Action item: Leaving out every picture, retype the lines below from the top through the one that contains "doc.units = 0".

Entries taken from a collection
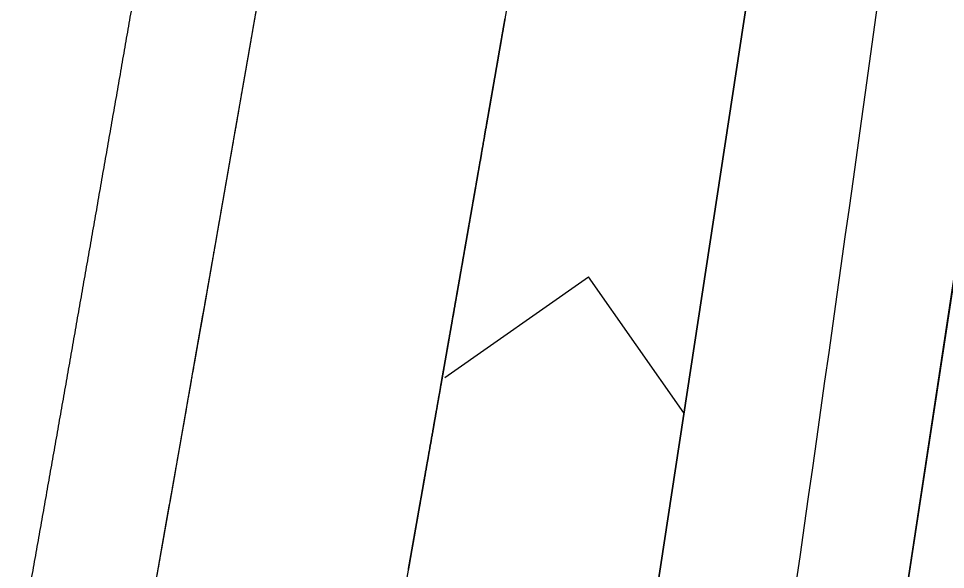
# Model space of a CAD drawing. Extents: x 14104283 to 14129344, y 8637090 to 8673339.
# Drawn here: x 14107932.36 to 14107977.47, y 8640112.34 to 8640139.17 of the extents above; entities that cross this region are included whole.
import ezdxf

# ---------------------------------------------------------------- set-up
doc = ezdxf.new("R2010")
doc.units = 0
for name, color, linetype in [('Default', 7, 'Continuous'), ('dsnPaintPlaceBrokenLineWhite', 7, 'Continuous'), ('dsnPaintPlaceChannelizingLaneWhite', 7, 'Continuous'), ('dsnPaintPlaceEdgeLineRightWhite', 7, 'Continuous'), ('dsnStgShadingPrevPav', 7, 'Continuous')]:
    doc.layers.add(name, color=color, linetype=linetype)

msp = doc.modelspace()

# ---------------------------------------------------------------- linework, layer by layer
at = {"layer": 'Default'}
for p, q in [((14107885.369, 8639599.613), (14107990.938, 8640291.607)), ((14107990.792, 8640290.821), (14107885.223, 8639598.827)), ((14108002.801, 8640289.797), (14107897.232, 8639597.803))]:
    msp.add_line(p, q, dxfattribs=at)
for radius in [9452.312, 9464.312]:
    msp.add_arc((14098631.467, 8641759.507), radius, 349.7548332, 350.3046747, dxfattribs=at)
at = {"layer": 'dsnPaintPlaceBrokenLineWhite'}
msp.add_line((14107897.232, 8639597.803), (14108002.801, 8640289.797), dxfattribs=at)
at = {"layer": 'dsnPaintPlaceChannelizingLaneWhite'}
for p, q in [((14107990.938, 8640291.607), (14107937.437, 8639940.911)), ((14107953.1, 8640121.679), (14107960.094, 8640126.589)), ((14107964.743, 8640119.966), (14107960.094, 8640126.589))]:
    msp.add_line(p, q, dxfattribs=at)
msp.add_arc((14098631.467, 8641759.507), 9464.312, 349.7548332, 350.3046747, dxfattribs=at)
at = {"layer": 'dsnPaintPlaceEdgeLineRightWhite'}
msp.add_arc((14098631.467, 8641759.507), 9452.312, 349.7548332, 350.3046747, dxfattribs=at)
at = {"layer": 'dsnStgShadingPrevPav'}
for end in [352.2220766, 352.2220775]:
    msp.add_arc((14098576.761, 8641447.78), 9488, 351.6728455, end, dxfattribs=at)
for points, degree in [([(14107942.86, 8640168.664), (14107942.715, 8640167.816), (14107942.214, 8640164.884), (14107941.297, 8640159.543), (14107940.569, 8640155.31), (14107939.787, 8640150.781), (14107939.017, 8640146.332), (14107938.241, 8640141.861), (14107937.464, 8640137.397), (14107936.685, 8640132.932), (14107935.903, 8640128.467), (14107935.119, 8640124.003), (14107934.334, 8640119.539), (14107933.546, 8640115.075), (14107932.755, 8640110.612), (14107931.963, 8640106.15), (14107931.168, 8640101.683), (14107930.375, 8640097.238), (14107929.565, 8640092.714), (14107928.806, 8640088.486), (14107927.846, 8640083.153), (14107927.317, 8640080.226), (14107927.164, 8640079.38)], 2), ([(14107933.069, 8640078.313), (14107933.337, 8640079.801), (14107933.875, 8640082.776), (14107934.678, 8640087.239), (14107935.479, 8640091.703), (14107936.278, 8640096.167), (14107937.075, 8640100.631), (14107937.87, 8640105.096), (14107938.663, 8640109.562), (14107939.453, 8640114.027), (14107940.242, 8640118.494), (14107941.028, 8640122.96), (14107941.812, 8640127.428), (14107942.594, 8640131.895), (14107943.374, 8640136.363), (14107944.152, 8640140.832), (14107944.928, 8640145.301), (14107945.701, 8640149.77), (14107946.473, 8640154.24), (14107947.242, 8640158.711), (14107948.009, 8640163.181), (14107948.519, 8640166.162), (14107948.774, 8640167.653)], 3), ([(14107943.646, 8640137.927), (14107943.737, 8640138.449), (14107943.828, 8640138.97), (14107943.919, 8640139.491)], 2), ([(14107955.881, 8640138.279), (14107955.933, 8640138.577), (14107955.985, 8640138.876), (14107956.037, 8640139.174)], 2), ([(14107956.037, 8640139.174), (14107955.985, 8640138.876), (14107955.933, 8640138.577), (14107955.881, 8640138.279)], 2), ([(14107955.764, 8640137.608), (14107955.803, 8640137.831), (14107955.842, 8640138.055), (14107955.881, 8640138.279)], 2), ([(14107955.881, 8640138.279), (14107955.842, 8640138.055), (14107955.803, 8640137.831), (14107955.764, 8640137.608)], 2), ([(14107943.569, 8640137.481), (14107943.595, 8640137.629), (14107943.621, 8640137.778), (14107943.646, 8640137.927)], 2), ([(14107943.452, 8640136.81), (14107943.491, 8640137.034), (14107943.53, 8640137.257), (14107943.569, 8640137.481)], 2), ([(14107955.687, 8640137.16), (14107955.713, 8640137.309), (14107955.738, 8640137.459), (14107955.764, 8640137.608)], 2), ([(14107955.764, 8640137.608), (14107955.738, 8640137.459), (14107955.713, 8640137.309), (14107955.687, 8640137.16)], 2), ([(14107943.374, 8640136.363), (14107943.4, 8640136.512), (14107943.426, 8640136.661), (14107943.452, 8640136.81)], 2), ([(14107955.492, 8640136.042), (14107955.544, 8640136.34), (14107955.596, 8640136.638), (14107955.648, 8640136.937)], 2), ([(14107955.648, 8640136.937), (14107955.596, 8640136.638), (14107955.544, 8640136.34), (14107955.492, 8640136.042)], 2), ([(14107955.648, 8640136.937), (14107955.661, 8640137.011), (14107955.674, 8640137.086), (14107955.687, 8640137.16)], 2), ([(14107955.687, 8640137.16), (14107955.674, 8640137.086), (14107955.661, 8640137.011), (14107955.648, 8640136.937)], 2), ([(14107943.335, 8640136.14), (14107943.348, 8640136.215), (14107943.361, 8640136.289), (14107943.374, 8640136.363)], 2), ([(14107943.257, 8640135.693), (14107943.27, 8640135.768), (14107943.283, 8640135.842), (14107943.296, 8640135.917)], 2), ([(14107943.296, 8640135.917), (14107943.309, 8640135.991), (14107943.322, 8640136.066), (14107943.335, 8640136.14)], 2), ([(14107955.453, 8640135.818), (14107955.466, 8640135.893), (14107955.479, 8640135.967), (14107955.492, 8640136.042)], 2), ([(14107955.492, 8640136.042), (14107955.479, 8640135.967), (14107955.466, 8640135.893), (14107955.453, 8640135.818)], 2), ([(14107942.789, 8640133.012), (14107942.945, 8640133.906), (14107943.101, 8640134.8), (14107943.257, 8640135.693)], 2), ([(14107955.336, 8640135.147), (14107955.362, 8640135.296), (14107955.388, 8640135.445), (14107955.414, 8640135.594)], 2), ([(14107955.414, 8640135.594), (14107955.388, 8640135.445), (14107955.362, 8640135.296), (14107955.336, 8640135.147)], 2), ([(14107955.414, 8640135.594), (14107955.427, 8640135.669), (14107955.44, 8640135.744), (14107955.453, 8640135.818)], 2), ([(14107955.453, 8640135.818), (14107955.44, 8640135.744), (14107955.427, 8640135.669), (14107955.414, 8640135.594)], 2), ([(14107955.297, 8640134.923), (14107955.31, 8640134.998), (14107955.323, 8640135.072), (14107955.336, 8640135.147)], 2), ([(14107955.336, 8640135.147), (14107955.323, 8640135.072), (14107955.31, 8640134.998), (14107955.297, 8640134.923)], 2), ([(14107955.18, 8640134.252), (14107955.206, 8640134.401), (14107955.232, 8640134.55), (14107955.258, 8640134.7)], 2), ([(14107955.258, 8640134.7), (14107955.232, 8640134.55), (14107955.206, 8640134.401), (14107955.18, 8640134.252)], 2), ([(14107955.258, 8640134.7), (14107955.271, 8640134.774), (14107955.284, 8640134.849), (14107955.297, 8640134.923)], 2), ([(14107955.297, 8640134.923), (14107955.284, 8640134.849), (14107955.271, 8640134.774), (14107955.258, 8640134.7)], 2), ([(14107955.141, 8640134.028), (14107955.154, 8640134.103), (14107955.167, 8640134.178), (14107955.18, 8640134.252)], 2), ([(14107955.18, 8640134.252), (14107955.167, 8640134.178), (14107955.154, 8640134.103), (14107955.141, 8640134.028)], 2), ([(14107954.79, 8640132.015), (14107954.907, 8640132.686), (14107955.024, 8640133.357), (14107955.141, 8640134.028)], 2), ([(14107955.141, 8640134.028), (14107955.024, 8640133.357), (14107954.907, 8640132.686), (14107954.79, 8640132.015)], 2), ([(14107942.711, 8640132.566), (14107942.737, 8640132.714), (14107942.763, 8640132.863), (14107942.789, 8640133.012)], 2), ([(14107942.633, 8640132.119), (14107942.646, 8640132.193), (14107942.659, 8640132.268), (14107942.672, 8640132.342)], 2), ([(14107942.672, 8640132.342), (14107942.685, 8640132.417), (14107942.698, 8640132.491), (14107942.711, 8640132.566)], 2), ([(14107942.516, 8640131.449), (14107942.542, 8640131.597), (14107942.568, 8640131.746), (14107942.594, 8640131.895)], 2), ([(14107942.594, 8640131.895), (14107942.607, 8640131.97), (14107942.62, 8640132.044), (14107942.633, 8640132.119)], 2), ([(14107954.595, 8640130.897), (14107954.66, 8640131.27), (14107954.725, 8640131.642), (14107954.79, 8640132.015)], 2), ([(14107954.79, 8640132.015), (14107954.725, 8640131.642), (14107954.66, 8640131.27), (14107954.595, 8640130.897)], 2), ([(14107942.477, 8640131.225), (14107942.49, 8640131.3), (14107942.503, 8640131.374), (14107942.516, 8640131.449)], 2), ([(14107942.36, 8640130.555), (14107942.386, 8640130.704), (14107942.412, 8640130.853), (14107942.438, 8640131.002)], 2), ([(14107942.438, 8640131.002), (14107942.451, 8640131.076), (14107942.464, 8640131.151), (14107942.477, 8640131.225)], 2), ([(14107954.516, 8640130.449), (14107954.543, 8640130.599), (14107954.569, 8640130.748), (14107954.595, 8640130.897)], 2), ([(14107954.595, 8640130.897), (14107954.569, 8640130.748), (14107954.543, 8640130.599), (14107954.516, 8640130.449)], 2), ([(14107942.282, 8640130.108), (14107942.308, 8640130.257), (14107942.334, 8640130.406), (14107942.36, 8640130.555)], 2), ([(14107954.477, 8640130.226), (14107954.49, 8640130.3), (14107954.503, 8640130.375), (14107954.516, 8640130.449)], 2), ([(14107954.516, 8640130.449), (14107954.503, 8640130.375), (14107954.49, 8640130.3), (14107954.477, 8640130.226)], 2), ([(14107942.242, 8640129.885), (14107942.255, 8640129.959), (14107942.268, 8640130.034), (14107942.282, 8640130.108)], 2), ([(14107954.282, 8640129.107), (14107954.347, 8640129.48), (14107954.412, 8640129.853), (14107954.477, 8640130.226)], 2), ([(14107954.477, 8640130.226), (14107954.412, 8640129.853), (14107954.347, 8640129.48), (14107954.282, 8640129.107)], 2), ([(14107941.812, 8640127.428), (14107941.943, 8640128.172), (14107942.073, 8640128.917), (14107942.203, 8640129.661)], 2), ([(14107942.203, 8640129.661), (14107942.216, 8640129.736), (14107942.229, 8640129.81), (14107942.242, 8640129.885)], 2), ([(14107954.243, 8640128.884), (14107954.256, 8640128.958), (14107954.269, 8640129.033), (14107954.282, 8640129.107)], 2), ([(14107954.282, 8640129.107), (14107954.269, 8640129.033), (14107954.256, 8640128.958), (14107954.243, 8640128.884)], 2), ([(14107954.125, 8640128.213), (14107954.164, 8640128.436), (14107954.204, 8640128.66), (14107954.243, 8640128.884)], 2), ([(14107954.243, 8640128.884), (14107954.204, 8640128.66), (14107954.164, 8640128.436), (14107954.125, 8640128.213)], 2), ([(14107954.086, 8640127.989), (14107954.099, 8640128.064), (14107954.112, 8640128.138), (14107954.125, 8640128.213)], 2), ([(14107954.125, 8640128.213), (14107954.112, 8640128.138), (14107954.099, 8640128.064), (14107954.086, 8640127.989)], 2), ([(14107953.89, 8640126.871), (14107953.956, 8640127.243), (14107954.021, 8640127.616), (14107954.086, 8640127.989)], 2), ([(14107954.086, 8640127.989), (14107954.021, 8640127.616), (14107953.956, 8640127.243), (14107953.89, 8640126.871)], 2), ([(14107941.695, 8640126.758), (14107941.734, 8640126.981), (14107941.773, 8640127.204), (14107941.812, 8640127.428)], 2), ([(14107953.812, 8640126.423), (14107953.838, 8640126.573), (14107953.864, 8640126.722), (14107953.89, 8640126.871)], 2), ([(14107953.89, 8640126.871), (14107953.864, 8640126.722), (14107953.838, 8640126.573), (14107953.812, 8640126.423)], 2), ([(14107941.499, 8640125.641), (14107941.564, 8640126.013), (14107941.629, 8640126.385), (14107941.695, 8640126.758)], 2), ([(14107953.734, 8640125.976), (14107953.76, 8640126.125), (14107953.786, 8640126.274), (14107953.812, 8640126.423)], 2), ([(14107953.812, 8640126.423), (14107953.786, 8640126.274), (14107953.76, 8640126.125), (14107953.734, 8640125.976)], 2), ([(14107953.695, 8640125.752), (14107953.708, 8640125.827), (14107953.721, 8640125.902), (14107953.734, 8640125.976)], 2), ([(14107953.734, 8640125.976), (14107953.721, 8640125.902), (14107953.708, 8640125.827), (14107953.695, 8640125.752)], 2), ([(14107941.42, 8640125.194), (14107941.446, 8640125.343), (14107941.472, 8640125.492), (14107941.499, 8640125.641)], 2), ([(14107953.538, 8640124.858), (14107953.59, 8640125.156), (14107953.642, 8640125.454), (14107953.695, 8640125.752)], 2), ([(14107953.695, 8640125.752), (14107953.642, 8640125.454), (14107953.59, 8640125.156), (14107953.538, 8640124.858)], 2), ([(14107941.263, 8640124.301), (14107941.316, 8640124.598), (14107941.368, 8640124.896), (14107941.42, 8640125.194)], 2), ([(14107953.302, 8640123.516), (14107953.368, 8640123.889), (14107953.433, 8640124.261), (14107953.498, 8640124.634)], 2), ([(14107953.498, 8640124.634), (14107953.433, 8640124.261), (14107953.368, 8640123.889), (14107953.302, 8640123.516)], 2), ([(14107953.498, 8640124.634), (14107953.512, 8640124.709), (14107953.525, 8640124.783), (14107953.538, 8640124.858)], 2), ([(14107953.538, 8640124.858), (14107953.525, 8640124.783), (14107953.512, 8640124.709), (14107953.498, 8640124.634)], 2), ([(14107941.067, 8640123.184), (14107941.133, 8640123.556), (14107941.198, 8640123.928), (14107941.263, 8640124.301)], 2), ([(14107953.185, 8640122.845), (14107953.211, 8640122.994), (14107953.237, 8640123.143), (14107953.263, 8640123.292)], 2), ([(14107953.263, 8640123.292), (14107953.237, 8640123.143), (14107953.211, 8640122.994), (14107953.185, 8640122.845)], 2), ([(14107953.263, 8640123.292), (14107953.276, 8640123.367), (14107953.289, 8640123.441), (14107953.302, 8640123.516)], 2), ([(14107953.302, 8640123.516), (14107953.289, 8640123.441), (14107953.276, 8640123.367), (14107953.263, 8640123.292)], 2), ([(14107940.399, 8640119.387), (14107940.609, 8640120.578), (14107940.818, 8640121.769), (14107941.028, 8640122.96)], 2), ([(14107941.028, 8640122.96), (14107941.041, 8640123.035), (14107941.054, 8640123.109), (14107941.067, 8640123.184)], 2), ([(14107953.067, 8640122.174), (14107953.106, 8640122.398), (14107953.145, 8640122.621), (14107953.185, 8640122.845)], 2), ([(14107953.185, 8640122.845), (14107953.145, 8640122.621), (14107953.106, 8640122.398), (14107953.067, 8640122.174)], 2), ([(14107952.988, 8640121.727), (14107953.001, 8640121.801), (14107953.014, 8640121.876), (14107953.027, 8640121.95)], 2), ([(14107953.027, 8640121.95), (14107953.014, 8640121.876), (14107953.001, 8640121.801), (14107952.988, 8640121.727)], 2), ([(14107953.027, 8640121.95), (14107953.04, 8640122.025), (14107953.054, 8640122.1), (14107953.067, 8640122.174)], 2), ([(14107953.067, 8640122.174), (14107953.054, 8640122.1), (14107953.04, 8640122.025), (14107953.027, 8640121.95)], 2), ([(14107952.91, 8640121.28), (14107952.923, 8640121.354), (14107952.936, 8640121.429), (14107952.949, 8640121.503)], 2), ([(14107952.949, 8640121.503), (14107952.936, 8640121.429), (14107952.923, 8640121.354), (14107952.91, 8640121.28)], 2), ([(14107952.949, 8640121.503), (14107952.962, 8640121.578), (14107952.975, 8640121.652), (14107952.988, 8640121.727)], 2), ([(14107952.988, 8640121.727), (14107952.975, 8640121.652), (14107952.962, 8640121.578), (14107952.949, 8640121.503)], 2), ([(14107952.674, 8640119.938), (14107952.752, 8640120.385), (14107952.831, 8640120.832), (14107952.91, 8640121.28)], 2), ([(14107952.91, 8640121.28), (14107952.831, 8640120.832), (14107952.752, 8640120.385), (14107952.674, 8640119.938)], 2), ([(14107952.516, 8640119.043), (14107952.569, 8640119.341), (14107952.621, 8640119.64), (14107952.674, 8640119.938)], 2), ([(14107952.674, 8640119.938), (14107952.621, 8640119.64), (14107952.569, 8640119.341), (14107952.516, 8640119.043)], 2), ([(14107940.281, 8640118.717), (14107940.32, 8640118.94), (14107940.36, 8640119.164), (14107940.399, 8640119.387)], 2), ([(14107940.242, 8640118.494), (14107940.255, 8640118.568), (14107940.268, 8640118.643), (14107940.281, 8640118.717)], 2), ([(14107952.122, 8640116.807), (14107952.254, 8640117.552), (14107952.385, 8640118.298), (14107952.516, 8640119.043)], 2), ([(14107952.516, 8640119.043), (14107952.385, 8640118.298), (14107952.254, 8640117.552), (14107952.122, 8640116.807)], 2), ([(14107940.005, 8640117.154), (14107940.084, 8640117.6), (14107940.163, 8640118.047), (14107940.242, 8640118.494)], 2), ([(14107939.887, 8640116.484), (14107939.913, 8640116.633), (14107939.94, 8640116.782), (14107939.966, 8640116.93)], 2), ([(14107939.966, 8640116.93), (14107939.979, 8640117.005), (14107939.992, 8640117.079), (14107940.005, 8640117.154)], 2), ([(14107939.848, 8640116.261), (14107939.861, 8640116.335), (14107939.874, 8640116.409), (14107939.887, 8640116.484)], 2), ([(14107951.925, 8640115.689), (14107951.978, 8640115.987), (14107952.03, 8640116.285), (14107952.083, 8640116.583)], 2), ([(14107952.083, 8640116.583), (14107952.03, 8640116.285), (14107951.978, 8640115.987), (14107951.925, 8640115.689)], 2), ([(14107952.083, 8640116.583), (14107952.096, 8640116.658), (14107952.109, 8640116.733), (14107952.122, 8640116.807)], 2), ([(14107952.122, 8640116.807), (14107952.109, 8640116.733), (14107952.096, 8640116.658), (14107952.083, 8640116.583)], 2), ([(14107939.69, 8640115.367), (14107939.742, 8640115.665), (14107939.795, 8640115.963), (14107939.848, 8640116.261)], 2), ([(14107951.846, 8640115.242), (14107951.873, 8640115.391), (14107951.899, 8640115.54), (14107951.925, 8640115.689)], 2), ([(14107951.925, 8640115.689), (14107951.899, 8640115.54), (14107951.873, 8640115.391), (14107951.846, 8640115.242)], 2), ([(14107939.611, 8640114.921), (14107939.637, 8640115.07), (14107939.664, 8640115.218), (14107939.69, 8640115.367)], 2), ([(14107951.728, 8640114.571), (14107951.767, 8640114.795), (14107951.807, 8640115.018), (14107951.846, 8640115.242)], 2), ([(14107951.846, 8640115.242), (14107951.807, 8640115.018), (14107951.767, 8640114.795), (14107951.728, 8640114.571)], 2), ([(14107939.493, 8640114.251), (14107939.519, 8640114.4), (14107939.545, 8640114.548), (14107939.571, 8640114.697)], 2), ([(14107939.571, 8640114.697), (14107939.585, 8640114.772), (14107939.598, 8640114.846), (14107939.611, 8640114.921)], 2), ([(14107939.453, 8640114.027), (14107939.466, 8640114.102), (14107939.479, 8640114.176), (14107939.493, 8640114.251)], 2), ([(14107951.649, 8640114.124), (14107951.675, 8640114.273), (14107951.702, 8640114.422), (14107951.728, 8640114.571)], 2), ([(14107951.728, 8640114.571), (14107951.702, 8640114.422), (14107951.675, 8640114.273), (14107951.649, 8640114.124)], 2), ([(14107939.335, 8640113.358), (14107939.374, 8640113.581), (14107939.414, 8640113.804), (14107939.453, 8640114.027)], 2), ([(14107951.57, 8640113.677), (14107951.583, 8640113.751), (14107951.596, 8640113.826), (14107951.61, 8640113.9)], 2), ([(14107951.61, 8640113.9), (14107951.596, 8640113.826), (14107951.583, 8640113.751), (14107951.57, 8640113.677)], 2), ([(14107951.61, 8640113.9), (14107951.623, 8640113.975), (14107951.636, 8640114.049), (14107951.649, 8640114.124)], 2), ([(14107951.649, 8640114.124), (14107951.636, 8640114.049), (14107951.623, 8640113.975), (14107951.61, 8640113.9)], 2), ([(14107939.098, 8640112.018), (14107939.177, 8640112.464), (14107939.256, 8640112.911), (14107939.335, 8640113.358)], 2), ([(14107951.491, 8640113.229), (14107951.517, 8640113.378), (14107951.544, 8640113.528), (14107951.57, 8640113.677)], 2), ([(14107951.57, 8640113.677), (14107951.544, 8640113.528), (14107951.517, 8640113.378), (14107951.491, 8640113.229)], 2), ([(14107951.412, 8640112.782), (14107951.438, 8640112.931), (14107951.465, 8640113.08), (14107951.491, 8640113.229)], 2), ([(14107951.491, 8640113.229), (14107951.465, 8640113.08), (14107951.438, 8640112.931), (14107951.412, 8640112.782)], 2), ([(14107951.333, 8640112.335), (14107951.346, 8640112.41), (14107951.359, 8640112.484), (14107951.373, 8640112.559)], 2), ([(14107951.373, 8640112.559), (14107951.359, 8640112.484), (14107951.346, 8640112.41), (14107951.333, 8640112.335)], 2), ([(14107951.373, 8640112.559), (14107951.386, 8640112.633), (14107951.399, 8640112.708), (14107951.412, 8640112.782)], 2), ([(14107951.412, 8640112.782), (14107951.399, 8640112.708), (14107951.386, 8640112.633), (14107951.373, 8640112.559)], 2)]:
    msp.add_open_spline(points, degree=degree, dxfattribs=at)

doc.saveas('drawing.dxf')

Written solution:
# Model space of a CAD drawing. Extents: x 14104283 to 14129344, y 8637090 to 8673339.
# Drawn here: x 14107932.36 to 14107977.47, y 8640112.34 to 8640139.17 of the extents above; entities that cross this region are included whole.
import ezdxf

# ---------------------------------------------------------------- set-up
doc = ezdxf.new("R2010")
doc.units = 0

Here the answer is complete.